Abstract: The pre-training of visual representations has enhanced the efficiency of robot learning. Due to the lack of large-scale in-domain robotic datasets, prior works utilize in-the-wild human videos to pre-train robotic visual representation. Despite their promising results, representations from human videos are inevitably subject to distribution shifts and lack the dynamics information crucial for task completion. We first evaluate various pre-trained representations in terms of their correlation to the downstream robotic manipulation tasks (i.e., manipulation-centricity).

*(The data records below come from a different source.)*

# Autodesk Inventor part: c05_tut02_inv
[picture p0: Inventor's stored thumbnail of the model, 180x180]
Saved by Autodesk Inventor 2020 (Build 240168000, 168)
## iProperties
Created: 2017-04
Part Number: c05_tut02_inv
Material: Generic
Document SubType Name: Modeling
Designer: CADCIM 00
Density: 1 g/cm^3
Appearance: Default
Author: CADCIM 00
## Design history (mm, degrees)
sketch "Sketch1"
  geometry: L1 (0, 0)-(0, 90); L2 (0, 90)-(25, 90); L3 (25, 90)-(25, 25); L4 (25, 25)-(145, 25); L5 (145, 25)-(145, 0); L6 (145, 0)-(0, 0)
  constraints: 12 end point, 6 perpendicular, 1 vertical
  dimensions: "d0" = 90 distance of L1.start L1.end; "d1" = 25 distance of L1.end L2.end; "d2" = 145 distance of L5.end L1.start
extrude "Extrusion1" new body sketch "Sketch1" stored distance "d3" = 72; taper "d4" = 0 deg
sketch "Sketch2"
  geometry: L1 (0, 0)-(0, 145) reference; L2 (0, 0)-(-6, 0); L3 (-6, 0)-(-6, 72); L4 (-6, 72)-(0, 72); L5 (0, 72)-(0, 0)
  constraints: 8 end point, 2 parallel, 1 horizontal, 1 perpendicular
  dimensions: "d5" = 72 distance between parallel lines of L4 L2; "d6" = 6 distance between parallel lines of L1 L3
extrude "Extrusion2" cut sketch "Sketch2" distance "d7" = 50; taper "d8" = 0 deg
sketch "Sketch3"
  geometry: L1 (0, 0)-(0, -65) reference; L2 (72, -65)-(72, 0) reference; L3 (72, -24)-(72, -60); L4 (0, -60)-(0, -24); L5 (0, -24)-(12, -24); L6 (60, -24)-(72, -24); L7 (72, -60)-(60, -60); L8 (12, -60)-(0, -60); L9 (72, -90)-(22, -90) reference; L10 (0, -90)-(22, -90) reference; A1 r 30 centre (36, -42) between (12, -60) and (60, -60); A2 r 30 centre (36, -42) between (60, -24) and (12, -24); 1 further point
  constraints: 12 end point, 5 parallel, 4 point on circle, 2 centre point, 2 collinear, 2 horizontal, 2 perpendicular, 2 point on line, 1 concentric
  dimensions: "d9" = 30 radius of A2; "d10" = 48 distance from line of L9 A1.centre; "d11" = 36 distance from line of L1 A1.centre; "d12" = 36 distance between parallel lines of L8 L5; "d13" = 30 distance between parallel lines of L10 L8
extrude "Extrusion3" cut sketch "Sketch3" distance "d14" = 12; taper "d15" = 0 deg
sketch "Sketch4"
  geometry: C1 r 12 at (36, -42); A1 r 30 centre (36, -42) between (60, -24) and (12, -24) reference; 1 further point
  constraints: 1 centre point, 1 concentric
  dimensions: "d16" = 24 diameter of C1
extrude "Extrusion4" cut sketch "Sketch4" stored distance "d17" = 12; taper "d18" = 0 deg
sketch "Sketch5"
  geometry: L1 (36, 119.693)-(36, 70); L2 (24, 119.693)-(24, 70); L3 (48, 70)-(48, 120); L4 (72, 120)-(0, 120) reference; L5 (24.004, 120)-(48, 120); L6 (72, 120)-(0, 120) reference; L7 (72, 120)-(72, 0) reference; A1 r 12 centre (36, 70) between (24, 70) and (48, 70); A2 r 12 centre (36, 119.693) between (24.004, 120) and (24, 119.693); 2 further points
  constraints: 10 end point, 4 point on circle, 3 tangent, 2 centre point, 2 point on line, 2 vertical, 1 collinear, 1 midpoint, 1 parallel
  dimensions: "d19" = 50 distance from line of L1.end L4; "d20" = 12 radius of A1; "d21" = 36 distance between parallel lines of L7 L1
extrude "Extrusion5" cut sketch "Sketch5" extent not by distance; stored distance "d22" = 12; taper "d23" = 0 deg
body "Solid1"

Interestingly, we find that the “manipulation-centricity” is a strong indicator of success rates when applied to downstream tasks. Drawing from these findings, we propose Robots Pre-train robots with Manipulation centricity (RPM), a foundation representation learning framework capturing both visual features and the dynamics information such as actions and proprioceptions of manipulation tasks to improve manipulation centricity. Specifically, we pre-train a visual encoder on the DROID robotic dataset and leverage motion-relevant data such as robot proprioceptive states and actions. We introduce a novel contrastive loss that aligns visual observations with the robot’s proprioceptive state-action dynamics, combined with an action prediction loss and a time contrastive loss during pre-training. Empirical results across four simulation domains with 20 robotic manipulation tasks demonstrate that RPM outperforms the strongest baseline by 14.8%. Additionally, RPM significantly boosts the success rate in three real-world manipulation tasks by 76.9%.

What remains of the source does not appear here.